[BRIEF] Check every line of the entries below for "color", and copy the lines that have it.

[DATA UNDER STUDY]
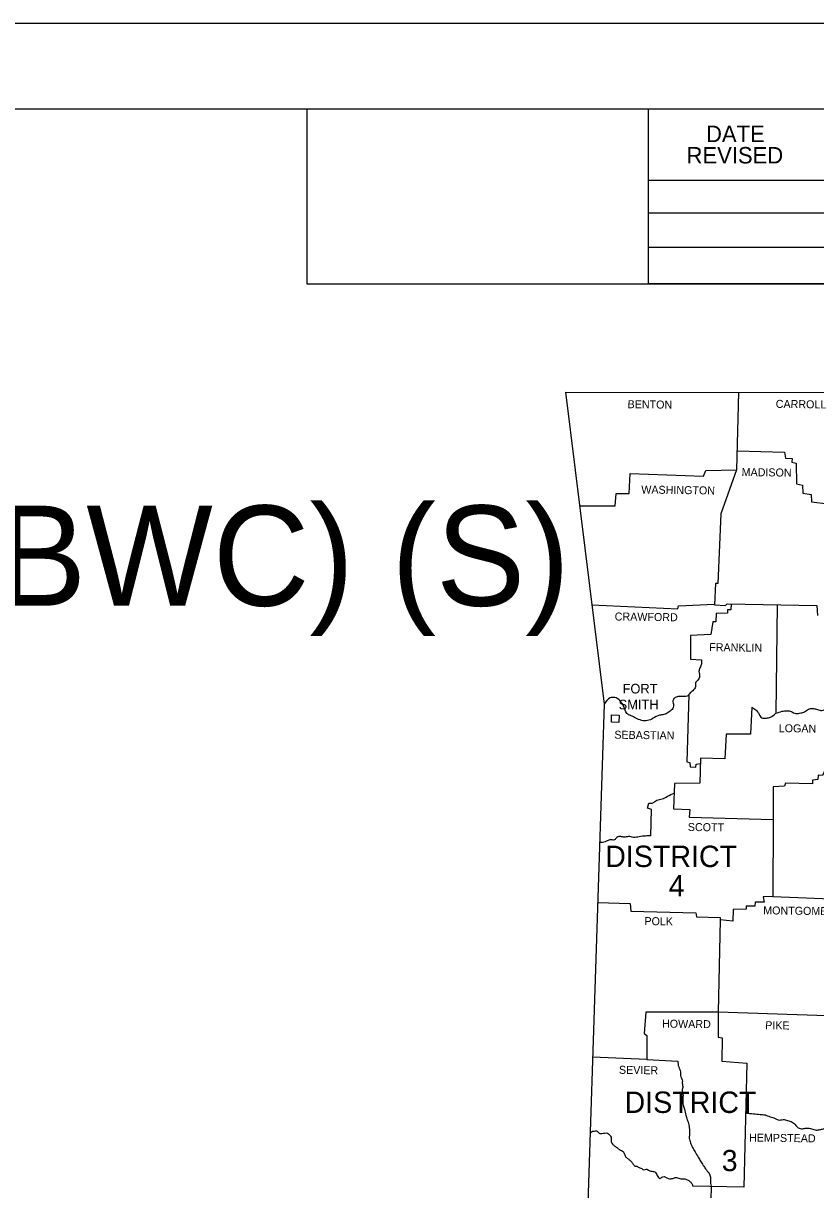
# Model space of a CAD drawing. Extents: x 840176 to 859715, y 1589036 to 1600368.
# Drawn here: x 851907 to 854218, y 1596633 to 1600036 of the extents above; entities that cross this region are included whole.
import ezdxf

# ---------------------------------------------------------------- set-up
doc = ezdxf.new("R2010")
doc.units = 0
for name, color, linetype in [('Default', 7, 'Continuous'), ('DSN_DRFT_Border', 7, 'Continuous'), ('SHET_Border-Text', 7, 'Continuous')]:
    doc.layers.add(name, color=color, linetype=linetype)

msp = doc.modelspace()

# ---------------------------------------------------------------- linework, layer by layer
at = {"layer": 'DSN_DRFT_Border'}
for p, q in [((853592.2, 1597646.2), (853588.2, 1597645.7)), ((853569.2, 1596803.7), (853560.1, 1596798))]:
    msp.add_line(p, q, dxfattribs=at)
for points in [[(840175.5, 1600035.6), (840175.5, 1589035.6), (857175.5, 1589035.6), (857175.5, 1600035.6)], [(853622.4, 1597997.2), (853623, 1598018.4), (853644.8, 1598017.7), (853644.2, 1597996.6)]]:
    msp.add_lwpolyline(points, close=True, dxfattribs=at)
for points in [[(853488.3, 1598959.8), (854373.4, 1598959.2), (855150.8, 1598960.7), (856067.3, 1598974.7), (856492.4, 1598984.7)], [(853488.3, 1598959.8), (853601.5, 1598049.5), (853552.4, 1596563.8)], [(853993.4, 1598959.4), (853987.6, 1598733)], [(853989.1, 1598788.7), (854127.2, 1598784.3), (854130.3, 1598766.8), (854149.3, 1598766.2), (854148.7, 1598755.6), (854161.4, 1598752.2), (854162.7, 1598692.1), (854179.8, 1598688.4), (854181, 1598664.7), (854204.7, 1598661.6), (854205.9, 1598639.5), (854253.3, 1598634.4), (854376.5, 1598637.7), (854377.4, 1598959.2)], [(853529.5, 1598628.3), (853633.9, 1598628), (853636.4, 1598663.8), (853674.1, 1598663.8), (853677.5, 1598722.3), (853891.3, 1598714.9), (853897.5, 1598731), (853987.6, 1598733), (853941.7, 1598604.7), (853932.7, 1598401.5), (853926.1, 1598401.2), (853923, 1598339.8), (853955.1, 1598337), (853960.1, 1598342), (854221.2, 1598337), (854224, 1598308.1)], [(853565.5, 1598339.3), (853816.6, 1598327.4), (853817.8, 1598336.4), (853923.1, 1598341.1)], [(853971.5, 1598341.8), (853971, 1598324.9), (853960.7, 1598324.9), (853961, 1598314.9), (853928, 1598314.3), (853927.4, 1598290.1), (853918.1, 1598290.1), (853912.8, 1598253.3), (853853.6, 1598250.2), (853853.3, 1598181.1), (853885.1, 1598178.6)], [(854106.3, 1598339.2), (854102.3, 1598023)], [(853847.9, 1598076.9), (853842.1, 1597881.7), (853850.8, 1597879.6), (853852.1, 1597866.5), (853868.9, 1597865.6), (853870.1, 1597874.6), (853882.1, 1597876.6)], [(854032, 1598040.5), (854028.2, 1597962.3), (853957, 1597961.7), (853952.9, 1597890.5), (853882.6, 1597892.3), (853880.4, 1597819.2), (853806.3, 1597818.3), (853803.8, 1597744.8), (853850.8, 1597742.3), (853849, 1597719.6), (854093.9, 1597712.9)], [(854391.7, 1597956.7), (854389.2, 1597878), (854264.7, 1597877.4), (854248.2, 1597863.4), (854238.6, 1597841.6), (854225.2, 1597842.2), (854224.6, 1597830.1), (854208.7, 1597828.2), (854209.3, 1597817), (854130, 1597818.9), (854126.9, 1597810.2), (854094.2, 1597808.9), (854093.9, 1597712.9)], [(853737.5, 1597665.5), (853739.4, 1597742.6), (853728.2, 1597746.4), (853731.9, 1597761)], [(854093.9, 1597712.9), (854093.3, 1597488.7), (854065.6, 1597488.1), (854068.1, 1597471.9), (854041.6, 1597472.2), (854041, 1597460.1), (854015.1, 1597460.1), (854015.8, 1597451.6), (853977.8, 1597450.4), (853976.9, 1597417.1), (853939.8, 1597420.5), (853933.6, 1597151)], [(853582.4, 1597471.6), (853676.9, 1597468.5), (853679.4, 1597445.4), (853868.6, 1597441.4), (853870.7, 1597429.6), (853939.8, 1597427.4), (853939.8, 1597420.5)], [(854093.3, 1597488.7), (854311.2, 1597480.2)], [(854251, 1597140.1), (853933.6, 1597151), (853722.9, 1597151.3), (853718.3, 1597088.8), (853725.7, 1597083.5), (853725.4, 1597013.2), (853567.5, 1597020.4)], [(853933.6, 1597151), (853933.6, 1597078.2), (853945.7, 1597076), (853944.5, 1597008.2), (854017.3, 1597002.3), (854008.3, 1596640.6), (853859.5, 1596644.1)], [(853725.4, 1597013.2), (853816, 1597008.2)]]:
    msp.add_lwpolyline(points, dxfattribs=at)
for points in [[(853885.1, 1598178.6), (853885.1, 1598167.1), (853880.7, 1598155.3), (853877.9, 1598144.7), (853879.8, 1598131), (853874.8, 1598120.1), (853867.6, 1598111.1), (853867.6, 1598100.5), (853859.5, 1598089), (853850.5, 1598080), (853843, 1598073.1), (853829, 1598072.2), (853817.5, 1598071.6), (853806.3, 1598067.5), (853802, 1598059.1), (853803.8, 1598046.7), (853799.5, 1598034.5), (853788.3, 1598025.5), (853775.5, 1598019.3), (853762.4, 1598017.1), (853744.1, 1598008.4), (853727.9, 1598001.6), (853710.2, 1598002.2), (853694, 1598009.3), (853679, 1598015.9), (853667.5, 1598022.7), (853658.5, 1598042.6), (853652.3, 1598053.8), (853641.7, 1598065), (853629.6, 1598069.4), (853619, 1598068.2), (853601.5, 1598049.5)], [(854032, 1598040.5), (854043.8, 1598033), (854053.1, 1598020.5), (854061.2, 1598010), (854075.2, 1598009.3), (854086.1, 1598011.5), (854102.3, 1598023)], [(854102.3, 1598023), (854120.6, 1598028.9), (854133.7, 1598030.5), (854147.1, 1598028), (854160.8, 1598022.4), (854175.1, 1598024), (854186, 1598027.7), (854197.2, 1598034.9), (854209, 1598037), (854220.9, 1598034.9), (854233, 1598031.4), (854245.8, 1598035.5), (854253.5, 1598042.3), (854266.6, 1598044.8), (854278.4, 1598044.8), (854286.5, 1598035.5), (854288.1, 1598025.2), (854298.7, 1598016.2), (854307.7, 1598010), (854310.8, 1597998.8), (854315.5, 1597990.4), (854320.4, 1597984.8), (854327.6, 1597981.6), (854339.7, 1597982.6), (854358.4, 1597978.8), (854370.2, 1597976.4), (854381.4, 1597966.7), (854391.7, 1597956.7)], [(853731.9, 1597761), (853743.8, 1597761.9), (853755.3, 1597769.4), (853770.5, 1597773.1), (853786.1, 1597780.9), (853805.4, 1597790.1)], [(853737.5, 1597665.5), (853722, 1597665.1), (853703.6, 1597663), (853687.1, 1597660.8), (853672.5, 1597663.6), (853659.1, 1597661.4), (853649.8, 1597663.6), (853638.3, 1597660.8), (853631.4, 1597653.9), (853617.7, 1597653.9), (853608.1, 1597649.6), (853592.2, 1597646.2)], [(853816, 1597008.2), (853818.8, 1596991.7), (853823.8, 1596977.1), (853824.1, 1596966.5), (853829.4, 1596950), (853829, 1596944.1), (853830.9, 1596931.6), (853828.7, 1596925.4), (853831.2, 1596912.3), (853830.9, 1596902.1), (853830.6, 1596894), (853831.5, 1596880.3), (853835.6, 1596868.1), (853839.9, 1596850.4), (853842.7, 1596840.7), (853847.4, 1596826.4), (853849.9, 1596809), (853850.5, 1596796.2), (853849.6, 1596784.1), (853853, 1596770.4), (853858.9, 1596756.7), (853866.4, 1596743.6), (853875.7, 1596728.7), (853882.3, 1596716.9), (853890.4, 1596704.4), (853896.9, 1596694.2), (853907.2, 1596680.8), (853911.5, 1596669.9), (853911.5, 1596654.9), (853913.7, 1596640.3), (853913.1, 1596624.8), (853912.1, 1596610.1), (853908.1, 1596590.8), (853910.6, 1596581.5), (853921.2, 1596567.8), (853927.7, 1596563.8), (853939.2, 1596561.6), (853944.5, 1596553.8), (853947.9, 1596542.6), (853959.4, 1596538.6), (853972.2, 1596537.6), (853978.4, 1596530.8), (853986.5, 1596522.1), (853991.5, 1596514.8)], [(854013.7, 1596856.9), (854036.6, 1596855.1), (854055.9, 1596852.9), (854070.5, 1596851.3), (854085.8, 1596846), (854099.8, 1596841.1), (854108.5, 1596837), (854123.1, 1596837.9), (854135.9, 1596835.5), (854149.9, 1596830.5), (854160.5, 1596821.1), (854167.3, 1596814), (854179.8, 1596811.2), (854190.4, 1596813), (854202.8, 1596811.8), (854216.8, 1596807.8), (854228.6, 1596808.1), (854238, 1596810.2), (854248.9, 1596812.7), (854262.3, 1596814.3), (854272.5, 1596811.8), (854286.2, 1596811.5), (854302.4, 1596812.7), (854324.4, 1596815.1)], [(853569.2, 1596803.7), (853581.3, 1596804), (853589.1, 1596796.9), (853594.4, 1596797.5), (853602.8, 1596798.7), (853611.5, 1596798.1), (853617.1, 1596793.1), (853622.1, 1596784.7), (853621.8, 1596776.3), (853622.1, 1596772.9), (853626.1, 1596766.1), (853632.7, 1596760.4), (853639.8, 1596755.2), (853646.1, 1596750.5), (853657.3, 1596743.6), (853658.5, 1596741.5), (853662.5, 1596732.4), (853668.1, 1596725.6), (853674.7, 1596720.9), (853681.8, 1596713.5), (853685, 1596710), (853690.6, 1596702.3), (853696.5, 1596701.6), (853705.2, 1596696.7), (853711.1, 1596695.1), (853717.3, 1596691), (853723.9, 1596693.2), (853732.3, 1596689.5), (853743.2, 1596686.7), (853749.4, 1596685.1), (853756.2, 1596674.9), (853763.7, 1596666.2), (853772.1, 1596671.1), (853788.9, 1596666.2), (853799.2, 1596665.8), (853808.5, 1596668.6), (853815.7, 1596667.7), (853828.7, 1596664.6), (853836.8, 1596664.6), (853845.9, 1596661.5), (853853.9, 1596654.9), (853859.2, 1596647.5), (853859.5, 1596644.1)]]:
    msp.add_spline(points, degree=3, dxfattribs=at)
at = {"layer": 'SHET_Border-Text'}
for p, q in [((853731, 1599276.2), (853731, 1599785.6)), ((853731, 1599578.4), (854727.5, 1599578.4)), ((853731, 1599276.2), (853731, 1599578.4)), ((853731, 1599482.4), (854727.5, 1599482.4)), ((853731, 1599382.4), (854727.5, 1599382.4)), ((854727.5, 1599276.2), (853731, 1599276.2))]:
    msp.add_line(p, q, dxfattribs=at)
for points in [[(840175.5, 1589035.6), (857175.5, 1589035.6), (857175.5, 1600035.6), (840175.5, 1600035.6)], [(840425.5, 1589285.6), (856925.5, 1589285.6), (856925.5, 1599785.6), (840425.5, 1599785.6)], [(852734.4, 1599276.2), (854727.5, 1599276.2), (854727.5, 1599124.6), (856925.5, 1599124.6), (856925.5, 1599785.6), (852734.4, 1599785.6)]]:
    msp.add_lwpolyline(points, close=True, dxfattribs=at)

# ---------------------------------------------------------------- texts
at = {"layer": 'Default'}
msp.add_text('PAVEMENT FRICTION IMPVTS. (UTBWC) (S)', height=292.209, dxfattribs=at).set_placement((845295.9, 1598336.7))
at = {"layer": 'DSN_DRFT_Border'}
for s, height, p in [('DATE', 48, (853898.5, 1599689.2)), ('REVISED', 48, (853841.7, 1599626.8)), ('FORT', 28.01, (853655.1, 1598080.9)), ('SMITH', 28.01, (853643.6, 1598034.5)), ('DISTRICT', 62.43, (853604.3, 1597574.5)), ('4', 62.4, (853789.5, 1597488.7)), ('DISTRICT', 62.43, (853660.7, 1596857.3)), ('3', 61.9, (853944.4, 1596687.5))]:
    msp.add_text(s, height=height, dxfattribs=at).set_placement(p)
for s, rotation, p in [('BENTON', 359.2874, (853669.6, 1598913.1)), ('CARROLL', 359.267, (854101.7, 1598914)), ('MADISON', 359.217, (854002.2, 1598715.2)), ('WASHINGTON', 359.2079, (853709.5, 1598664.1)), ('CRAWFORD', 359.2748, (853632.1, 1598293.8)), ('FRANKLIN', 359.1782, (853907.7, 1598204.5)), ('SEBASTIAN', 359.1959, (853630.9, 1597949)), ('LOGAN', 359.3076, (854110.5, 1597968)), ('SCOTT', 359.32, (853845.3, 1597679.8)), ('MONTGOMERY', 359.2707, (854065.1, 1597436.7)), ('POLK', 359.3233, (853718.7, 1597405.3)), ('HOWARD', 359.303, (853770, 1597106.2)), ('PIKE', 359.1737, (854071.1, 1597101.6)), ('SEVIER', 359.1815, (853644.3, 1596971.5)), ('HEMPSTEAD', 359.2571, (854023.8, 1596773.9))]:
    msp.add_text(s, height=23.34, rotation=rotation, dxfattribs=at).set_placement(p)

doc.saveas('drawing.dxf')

[RESULT]
for name, color, linetype in [('Default', 7, 'Continuous'), ('DSN_DRFT_Border', 7, 'Continuous'), ('SHET_Border-Text', 7, 'Continuous')]:
    doc.layers.add(name, color=color, linetype=linetype)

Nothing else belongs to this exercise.